YOUR INSTRUCTIONS
Your answer must be the full set of records, copied exactly, with no pictures in it.

INPUT DATA START

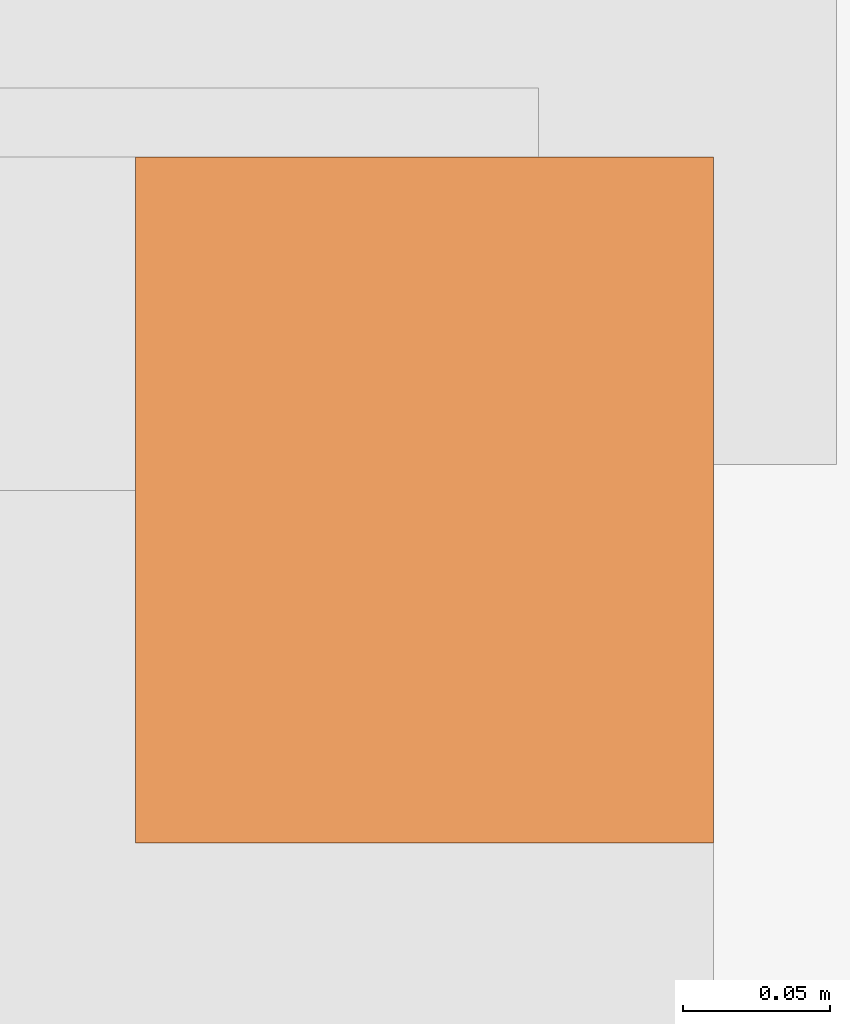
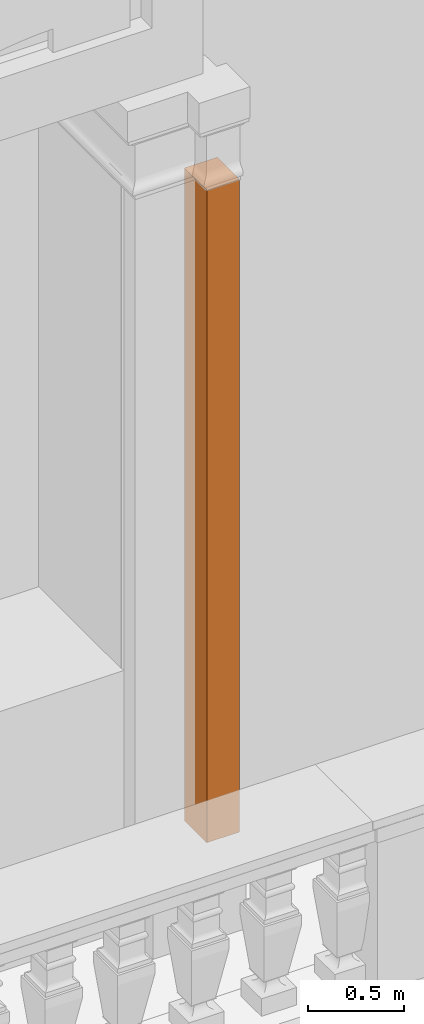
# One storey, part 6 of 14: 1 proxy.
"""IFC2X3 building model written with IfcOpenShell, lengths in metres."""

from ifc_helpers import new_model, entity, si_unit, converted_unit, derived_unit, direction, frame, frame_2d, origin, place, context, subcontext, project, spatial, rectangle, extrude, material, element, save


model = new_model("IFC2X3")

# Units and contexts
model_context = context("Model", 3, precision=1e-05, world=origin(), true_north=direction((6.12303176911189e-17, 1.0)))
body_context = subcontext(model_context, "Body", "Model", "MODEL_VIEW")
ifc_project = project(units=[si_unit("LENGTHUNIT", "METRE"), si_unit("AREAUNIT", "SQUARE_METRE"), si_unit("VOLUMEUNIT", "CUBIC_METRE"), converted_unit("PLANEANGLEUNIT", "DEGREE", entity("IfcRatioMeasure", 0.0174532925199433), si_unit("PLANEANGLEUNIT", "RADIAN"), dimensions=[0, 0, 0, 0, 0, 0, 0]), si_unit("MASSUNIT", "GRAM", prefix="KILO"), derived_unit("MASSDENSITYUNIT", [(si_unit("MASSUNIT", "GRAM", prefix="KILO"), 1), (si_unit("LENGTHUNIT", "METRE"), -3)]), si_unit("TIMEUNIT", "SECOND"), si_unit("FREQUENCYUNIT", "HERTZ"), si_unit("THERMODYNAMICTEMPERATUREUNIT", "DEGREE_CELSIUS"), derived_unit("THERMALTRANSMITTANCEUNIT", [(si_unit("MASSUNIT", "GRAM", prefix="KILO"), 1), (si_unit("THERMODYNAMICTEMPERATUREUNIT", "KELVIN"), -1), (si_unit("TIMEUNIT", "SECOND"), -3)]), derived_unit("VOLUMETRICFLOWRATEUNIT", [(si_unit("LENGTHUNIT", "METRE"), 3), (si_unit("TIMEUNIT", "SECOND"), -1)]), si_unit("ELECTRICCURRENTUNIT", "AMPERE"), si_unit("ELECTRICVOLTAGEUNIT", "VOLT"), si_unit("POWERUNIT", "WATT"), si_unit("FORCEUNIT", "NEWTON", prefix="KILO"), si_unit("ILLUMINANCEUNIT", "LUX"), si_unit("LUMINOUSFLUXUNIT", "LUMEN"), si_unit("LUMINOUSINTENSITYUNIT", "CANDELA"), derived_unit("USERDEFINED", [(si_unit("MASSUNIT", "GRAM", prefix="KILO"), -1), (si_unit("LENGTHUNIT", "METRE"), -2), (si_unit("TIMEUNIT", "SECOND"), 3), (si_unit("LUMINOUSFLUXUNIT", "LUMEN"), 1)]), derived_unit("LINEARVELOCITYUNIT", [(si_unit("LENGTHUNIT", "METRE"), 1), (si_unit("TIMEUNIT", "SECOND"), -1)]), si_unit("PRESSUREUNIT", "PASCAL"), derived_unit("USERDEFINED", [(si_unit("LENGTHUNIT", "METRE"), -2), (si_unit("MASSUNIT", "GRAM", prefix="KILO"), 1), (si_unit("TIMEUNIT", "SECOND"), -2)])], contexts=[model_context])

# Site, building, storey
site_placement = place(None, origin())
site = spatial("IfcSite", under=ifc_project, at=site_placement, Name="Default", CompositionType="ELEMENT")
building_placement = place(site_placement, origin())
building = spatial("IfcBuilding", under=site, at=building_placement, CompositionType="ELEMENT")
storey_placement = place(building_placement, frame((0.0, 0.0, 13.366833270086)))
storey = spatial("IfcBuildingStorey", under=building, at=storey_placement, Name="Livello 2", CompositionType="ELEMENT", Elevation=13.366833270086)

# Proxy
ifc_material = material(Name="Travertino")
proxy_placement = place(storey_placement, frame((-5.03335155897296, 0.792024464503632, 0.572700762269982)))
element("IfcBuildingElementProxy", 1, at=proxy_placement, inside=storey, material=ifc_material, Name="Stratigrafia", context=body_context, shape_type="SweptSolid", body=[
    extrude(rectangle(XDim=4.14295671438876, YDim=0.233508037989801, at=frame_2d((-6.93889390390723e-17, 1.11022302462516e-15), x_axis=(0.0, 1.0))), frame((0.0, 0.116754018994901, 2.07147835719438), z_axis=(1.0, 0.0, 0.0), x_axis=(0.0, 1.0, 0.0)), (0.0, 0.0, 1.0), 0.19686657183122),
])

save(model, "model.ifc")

INPUT DATA END

ANSWER SECTION
# One storey, part 6 of 14: 1 proxy.
"""IFC2X3 building model written with IfcOpenShell, lengths in metres."""

from ifc_helpers import new_model, entity, si_unit, converted_unit, derived_unit, direction, frame, frame_2d, origin, place, context, subcontext, project, spatial, rectangle, extrude, material, element, save


model = new_model("IFC2X3")

# Units and contexts
model_context = context("Model", 3, precision=1e-05, world=origin(), true_north=direction((6.12303176911189e-17, 1.0)))
body_context = subcontext(model_context, "Body", "Model", "MODEL_VIEW")
ifc_project = project(units=[si_unit("LENGTHUNIT", "METRE"), si_unit("AREAUNIT", "SQUARE_METRE"), si_unit("VOLUMEUNIT", "CUBIC_METRE"), converted_unit("PLANEANGLEUNIT", "DEGREE", entity("IfcRatioMeasure", 0.0174532925199433), si_unit("PLANEANGLEUNIT", "RADIAN"), dimensions=[0, 0, 0, 0, 0, 0, 0]), si_unit("MASSUNIT", "GRAM", prefix="KILO"), derived_unit("MASSDENSITYUNIT", [(si_unit("MASSUNIT", "GRAM", prefix="KILO"), 1), (si_unit("LENGTHUNIT", "METRE"), -3)]), si_unit("TIMEUNIT", "SECOND"), si_unit("FREQUENCYUNIT", "HERTZ"), si_unit("THERMODYNAMICTEMPERATUREUNIT", "DEGREE_CELSIUS"), derived_unit("THERMALTRANSMITTANCEUNIT", [(si_unit("MASSUNIT", "GRAM", prefix="KILO"), 1), (si_unit("THERMODYNAMICTEMPERATUREUNIT", "KELVIN"), -1), (si_unit("TIMEUNIT", "SECOND"), -3)]), derived_unit("VOLUMETRICFLOWRATEUNIT", [(si_unit("LENGTHUNIT", "METRE"), 3), (si_unit("TIMEUNIT", "SECOND"), -1)]), si_unit("ELECTRICCURRENTUNIT", "AMPERE"), si_unit("ELECTRICVOLTAGEUNIT", "VOLT"), si_unit("POWERUNIT", "WATT"), si_unit("FORCEUNIT", "NEWTON", prefix="KILO"), si_unit("ILLUMINANCEUNIT", "LUX"), si_unit("LUMINOUSFLUXUNIT", "LUMEN"), si_unit("LUMINOUSINTENSITYUNIT", "CANDELA"), derived_unit("USERDEFINED", [(si_unit("MASSUNIT", "GRAM", prefix="KILO"), -1), (si_unit("LENGTHUNIT", "METRE"), -2), (si_unit("TIMEUNIT", "SECOND"), 3), (si_unit("LUMINOUSFLUXUNIT", "LUMEN"), 1)]), derived_unit("LINEARVELOCITYUNIT", [(si_unit("LENGTHUNIT", "METRE"), 1), (si_unit("TIMEUNIT", "SECOND"), -1)]), si_unit("PRESSUREUNIT", "PASCAL"), derived_unit("USERDEFINED", [(si_unit("LENGTHUNIT", "METRE"), -2), (si_unit("MASSUNIT", "GRAM", prefix="KILO"), 1), (si_unit("TIMEUNIT", "SECOND"), -2)])], contexts=[model_context])

# Site, building, storey
site_placement = place(None, origin())
site = spatial("IfcSite", under=ifc_project, at=site_placement, Name="Default", CompositionType="ELEMENT")
building_placement = place(site_placement, origin())
building = spatial("IfcBuilding", under=site, at=building_placement, CompositionType="ELEMENT")
storey_placement = place(building_placement, frame((0.0, 0.0, 13.366833270086)))
storey = spatial("IfcBuildingStorey", under=building, at=storey_placement, Name="Livello 2", CompositionType="ELEMENT", Elevation=13.366833270086)

# Proxy
ifc_material = material(Name="Travertino")
proxy_placement = place(storey_placement, frame((-5.03335155897296, 0.792024464503632, 0.572700762269982)))
element("IfcBuildingElementProxy", 1, at=proxy_placement, inside=storey, material=ifc_material, Name="Stratigrafia", context=body_context, shape_type="SweptSolid", body=[
    extrude(rectangle(XDim=4.14295671438876, YDim=0.233508037989801, at=frame_2d((-6.93889390390723e-17, 1.11022302462516e-15), x_axis=(0.0, 1.0))), frame((0.0, 0.116754018994901, 2.07147835719438), z_axis=(1.0, 0.0, 0.0), x_axis=(0.0, 1.0, 0.0)), (0.0, 0.0, 1.0), 0.19686657183122),
])

save(model, "model.ifc")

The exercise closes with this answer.